[Task] The material below contains a line with "In plain terms, the" and a line with "#47375 = CARTESIAN_POINT". Copy exactly those two lines and all lines between them.

_ _ _ _ _

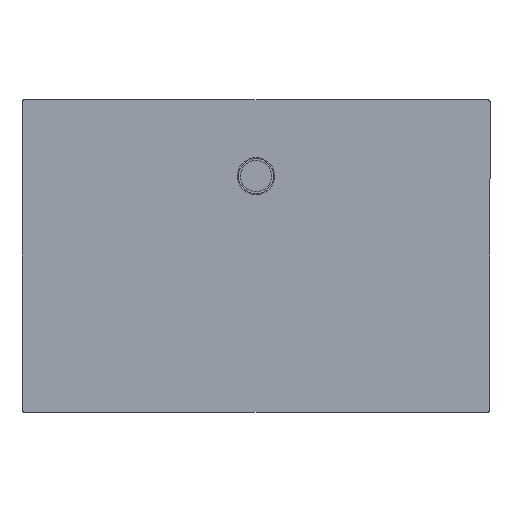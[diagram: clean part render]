
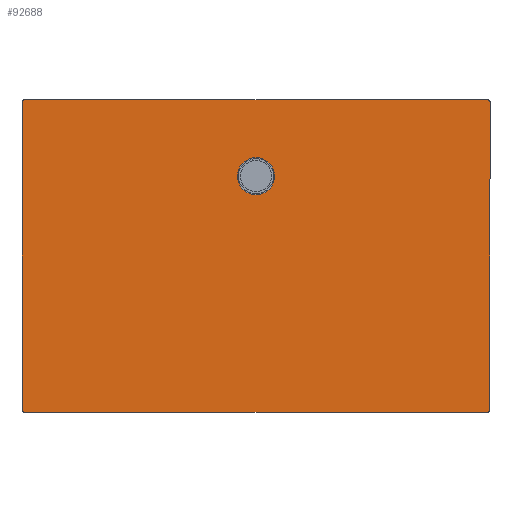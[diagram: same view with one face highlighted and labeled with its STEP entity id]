
A CAD part, front view. The second image highlights one B-rep face of the part: STEP entity #92688.
In plain terms, the highlighted planar face has unit normal (0, -1, 0).
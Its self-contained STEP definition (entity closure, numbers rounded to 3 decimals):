
#2409 = CARTESIAN_POINT ( 'NONE',  ( 598.628, -40., -605.698 ) ) ;
#3008 = VERTEX_POINT ( 'NONE', #140613 ) ;
#8614 = ORIENTED_EDGE ( 'NONE', *, *, #165196, .T. ) ;
#10735 = VECTOR ( 'NONE', #127885, 1000. ) ;
#12187 = CARTESIAN_POINT ( 'NONE',  ( 595.699, -40., -605.698 ) ) ;
#14139 = ORIENTED_EDGE ( 'NONE', *, *, #25645, .T. ) ;
#20526 = CARTESIAN_POINT ( 'NONE',  ( -600., -40., -605.698 ) ) ;
#21999 = CARTESIAN_POINT ( 'NONE',  ( -600.698, -40., 190.699 ) ) ;
#22152 = VERTEX_POINT ( 'NONE', #152691 ) ;
#23535 = CARTESIAN_POINT ( 'NONE',  ( -600., -40., 195. ) ) ;
#24350 = EDGE_CURVE ( 'NONE', #123108, #160865, #119192, .T. ) ;
#25109 = EDGE_CURVE ( 'NONE', #126327, #79175, #124640, .T. ) ;
#25645 = EDGE_CURVE ( 'NONE', #152157, #22152, #61862, .T. ) ;
#29486 = CARTESIAN_POINT ( 'NONE',  ( -600.698, -40., -600.699 ) ) ;
#30323 = CARTESIAN_POINT ( 'NONE',  ( 600.698, -40., -600.699 ) ) ;
#31161 = CARTESIAN_POINT ( 'NONE',  ( 595.699, -40., -605.698 ) ) ;
#33441 = CIRCLE ( 'NONE', #165921, 47.5 ) ;
#34046 = DIRECTION ( 'NONE',  ( -1., 0., 0. ) ) ;
#36552 = CARTESIAN_POINT ( 'NONE',  ( 598.628, -40., 195.698 ) ) ;
#37393 = CARTESIAN_POINT ( 'NONE',  ( 600.698, -40., 190.699 ) ) ;
#40094 = CARTESIAN_POINT ( 'NONE',  ( 0., -40., 47.5 ) ) ;
#42022 = CARTESIAN_POINT ( 'NONE',  ( 595.699, -40., 195.698 ) ) ;
#47375 = CARTESIAN_POINT ( 'NONE',  ( -600.698, -40., 193.628 ) ) ;
#47729 = ORIENTED_EDGE ( 'NONE', *, *, #146805, .F. ) ;
#49843 = DIRECTION ( 'NONE',  ( 0., 0., 1. ) ) ;
#50241 = EDGE_LOOP ( 'NONE', ( #71068 ) ) ;
#50595 = DIRECTION ( 'NONE',  ( 0., 1., 0. ) ) ;
#59468 =( BOUNDED_CURVE ( )  B_SPLINE_CURVE ( 3, ( #29486, #81104, #159013, #129399 ),
 .UNSPECIFIED., .F., .T. ) 
 B_SPLINE_CURVE_WITH_KNOTS ( ( 4, 4 ),
 ( 2.356, 3.927 ),
 .UNSPECIFIED. ) 
 CURVE ( )  GEOMETRIC_REPRESENTATION_ITEM ( )  RATIONAL_B_SPLINE_CURVE ( ( 1., 0.805, 0.805, 1. ) ) 
 REPRESENTATION_ITEM ( '' )  );
#60226 = LINE ( 'NONE', #61055, #143197 ) ;
#61055 = CARTESIAN_POINT ( 'NONE',  ( 600.698, -40., 195. ) ) ;
#61862 =( BOUNDED_CURVE ( )  B_SPLINE_CURVE ( 3, ( #163400, #71113, #47375, #21999 ),
 .UNSPECIFIED., .F., .T. ) 
 B_SPLINE_CURVE_WITH_KNOTS ( ( 4, 4 ),
 ( 2.356, 3.927 ),
 .UNSPECIFIED. ) 
 CURVE ( )  GEOMETRIC_REPRESENTATION_ITEM ( )  RATIONAL_B_SPLINE_CURVE ( ( 1., 0.805, 0.805, 1. ) ) 
 REPRESENTATION_ITEM ( '' )  );
#62460 = DIRECTION ( 'NONE',  ( 0., 0., 1. ) ) ;
#64795 = CARTESIAN_POINT ( 'NONE',  ( -595.699, -40., -605.698 ) ) ;
#67643 = VECTOR ( 'NONE', #106722, 1000. ) ;
#71068 = ORIENTED_EDGE ( 'NONE', *, *, #86882, .T. ) ;
#71113 = CARTESIAN_POINT ( 'NONE',  ( -598.628, -40., 195.698 ) ) ;
#71640 = EDGE_CURVE ( 'NONE', #79175, #158888, #111077, .T. ) ;
#76676 = AXIS2_PLACEMENT_3D ( 'NONE', #23535, #50595, #62460 ) ;
#77088 = LINE ( 'NONE', #143106, #10735 ) ;
#79175 = VERTEX_POINT ( 'NONE', #12187 ) ;
#81104 = CARTESIAN_POINT ( 'NONE',  ( -600.698, -40., -603.628 ) ) ;
#86882 = EDGE_CURVE ( 'NONE', #104394, #104394, #33441, .T. ) ;
#87262 = DIRECTION ( 'NONE',  ( 0., 0., 1. ) ) ;
#87322 = CARTESIAN_POINT ( 'NONE',  ( 600.698, -40., 193.628 ) ) ;
#88761 = ORIENTED_EDGE ( 'NONE', *, *, #108928, .F. ) ;
#89522 = FACE_BOUND ( 'NONE', #50241, .T. ) ;
#92688 = ADVANCED_FACE ( 'NONE', ( #89522, #139496 ), #166622, .F. ) ;
#104394 = VERTEX_POINT ( 'NONE', #40094 ) ;
#106722 = DIRECTION ( 'NONE',  ( 1., 0., 0. ) ) ;
#107341 = CARTESIAN_POINT ( 'NONE',  ( 600.698, -40., -603.628 ) ) ;
#108928 = EDGE_CURVE ( 'NONE', #3008, #22152, #77088, .T. ) ;
#111077 = LINE ( 'NONE', #20526, #163117 ) ;
#111879 = ORIENTED_EDGE ( 'NONE', *, *, #25109, .F. ) ;
#119192 =( BOUNDED_CURVE ( )  B_SPLINE_CURVE ( 3, ( #153376, #36552, #87322, #37393 ),
 .UNSPECIFIED., .F., .T. ) 
 B_SPLINE_CURVE_WITH_KNOTS ( ( 4, 4 ),
 ( 2.356, 3.927 ),
 .UNSPECIFIED. ) 
 CURVE ( )  GEOMETRIC_REPRESENTATION_ITEM ( )  RATIONAL_B_SPLINE_CURVE ( ( 1., 0.805, 0.805, 1. ) ) 
 REPRESENTATION_ITEM ( '' )  );
#119416 = CARTESIAN_POINT ( 'NONE',  ( -600., -40., 195.698 ) ) ;
#123108 = VERTEX_POINT ( 'NONE', #42022 ) ;
#124640 =( BOUNDED_CURVE ( )  B_SPLINE_CURVE ( 3, ( #30323, #107341, #2409, #31161 ),
 .UNSPECIFIED., .F., .T. ) 
 B_SPLINE_CURVE_WITH_KNOTS ( ( 4, 4 ),
 ( 2.356, 3.927 ),
 .UNSPECIFIED. ) 
 CURVE ( )  GEOMETRIC_REPRESENTATION_ITEM ( )  RATIONAL_B_SPLINE_CURVE ( ( 1., 0.805, 0.805, 1. ) ) 
 REPRESENTATION_ITEM ( '' )  );
#124914 = EDGE_CURVE ( 'NONE', #126327, #160865, #60226, .T. ) ;
#126327 = VERTEX_POINT ( 'NONE', #126456 ) ;
#126456 = CARTESIAN_POINT ( 'NONE',  ( 600.698, -40., -600.699 ) ) ;
#127706 = CARTESIAN_POINT ( 'NONE',  ( 0., -40., 0. ) ) ;
#127885 = DIRECTION ( 'NONE',  ( 0., 0., 1. ) ) ;
#129399 = CARTESIAN_POINT ( 'NONE',  ( -595.699, -40., -605.698 ) ) ;
#131864 = ORIENTED_EDGE ( 'NONE', *, *, #71640, .F. ) ;
#132111 = LINE ( 'NONE', #119416, #67643 ) ;
#132561 = CARTESIAN_POINT ( 'NONE',  ( -595.699, -40., 195.698 ) ) ;
#134733 = CARTESIAN_POINT ( 'NONE',  ( 600.698, -40., 190.699 ) ) ;
#139496 = FACE_OUTER_BOUND ( 'NONE', #139647, .T. ) ;
#139647 = EDGE_LOOP ( 'NONE', ( #88761, #8614, #131864, #111879, #158758, #149183, #47729, #14139 ) ) ;
#140613 = CARTESIAN_POINT ( 'NONE',  ( -600.698, -40., -600.699 ) ) ;
#143106 = CARTESIAN_POINT ( 'NONE',  ( -600.698, -40., 195. ) ) ;
#143197 = VECTOR ( 'NONE', #87262, 1000. ) ;
#146805 = EDGE_CURVE ( 'NONE', #152157, #123108, #132111, .T. ) ;
#149183 = ORIENTED_EDGE ( 'NONE', *, *, #24350, .F. ) ;
#152157 = VERTEX_POINT ( 'NONE', #132561 ) ;
#152691 = CARTESIAN_POINT ( 'NONE',  ( -600.698, -40., 190.699 ) ) ;
#153376 = CARTESIAN_POINT ( 'NONE',  ( 595.699, -40., 195.698 ) ) ;
#158758 = ORIENTED_EDGE ( 'NONE', *, *, #124914, .T. ) ;
#158888 = VERTEX_POINT ( 'NONE', #64795 ) ;
#159013 = CARTESIAN_POINT ( 'NONE',  ( -598.628, -40., -605.698 ) ) ;
#160865 = VERTEX_POINT ( 'NONE', #134733 ) ;
#163117 = VECTOR ( 'NONE', #34046, 1000. ) ;
#163400 = CARTESIAN_POINT ( 'NONE',  ( -595.699, -40., 195.698 ) ) ;
#165196 = EDGE_CURVE ( 'NONE', #3008, #158888, #59468, .T. ) ;
#165921 = AXIS2_PLACEMENT_3D ( 'NONE', #127706, #167528, #49843 ) ;
#166622 = PLANE ( 'NONE',  #76676 ) ;
#167528 = DIRECTION ( 'NONE',  ( 0., 1., 0. ) ) ;

_ _ _ _ _

[Task response]
In plain terms, the highlighted planar face has unit normal (0, -1, 0).
Its self-contained STEP definition (entity closure, numbers rounded to 3 decimals):
#2409 = CARTESIAN_POINT ( 'NONE',  ( 598.628, -40., -605.698 ) ) ;
#3008 = VERTEX_POINT ( 'NONE', #140613 ) ;
#8614 = ORIENTED_EDGE ( 'NONE', *, *, #165196, .T. ) ;
#10735 = VECTOR ( 'NONE', #127885, 1000. ) ;
#12187 = CARTESIAN_POINT ( 'NONE',  ( 595.699, -40., -605.698 ) ) ;
#14139 = ORIENTED_EDGE ( 'NONE', *, *, #25645, .T. ) ;
#20526 = CARTESIAN_POINT ( 'NONE',  ( -600., -40., -605.698 ) ) ;
#21999 = CARTESIAN_POINT ( 'NONE',  ( -600.698, -40., 190.699 ) ) ;
#22152 = VERTEX_POINT ( 'NONE', #152691 ) ;
#23535 = CARTESIAN_POINT ( 'NONE',  ( -600., -40., 195. ) ) ;
#24350 = EDGE_CURVE ( 'NONE', #123108, #160865, #119192, .T. ) ;
#25109 = EDGE_CURVE ( 'NONE', #126327, #79175, #124640, .T. ) ;
#25645 = EDGE_CURVE ( 'NONE', #152157, #22152, #61862, .T. ) ;
#29486 = CARTESIAN_POINT ( 'NONE',  ( -600.698, -40., -600.699 ) ) ;
#30323 = CARTESIAN_POINT ( 'NONE',  ( 600.698, -40., -600.699 ) ) ;
#31161 = CARTESIAN_POINT ( 'NONE',  ( 595.699, -40., -605.698 ) ) ;
#33441 = CIRCLE ( 'NONE', #165921, 47.5 ) ;
#34046 = DIRECTION ( 'NONE',  ( -1., 0., 0. ) ) ;
#36552 = CARTESIAN_POINT ( 'NONE',  ( 598.628, -40., 195.698 ) ) ;
#37393 = CARTESIAN_POINT ( 'NONE',  ( 600.698, -40., 190.699 ) ) ;
#40094 = CARTESIAN_POINT ( 'NONE',  ( 0., -40., 47.5 ) ) ;
#42022 = CARTESIAN_POINT ( 'NONE',  ( 595.699, -40., 195.698 ) ) ;
#47375 = CARTESIAN_POINT ( 'NONE',  ( -600.698, -40., 193.628 ) ) ;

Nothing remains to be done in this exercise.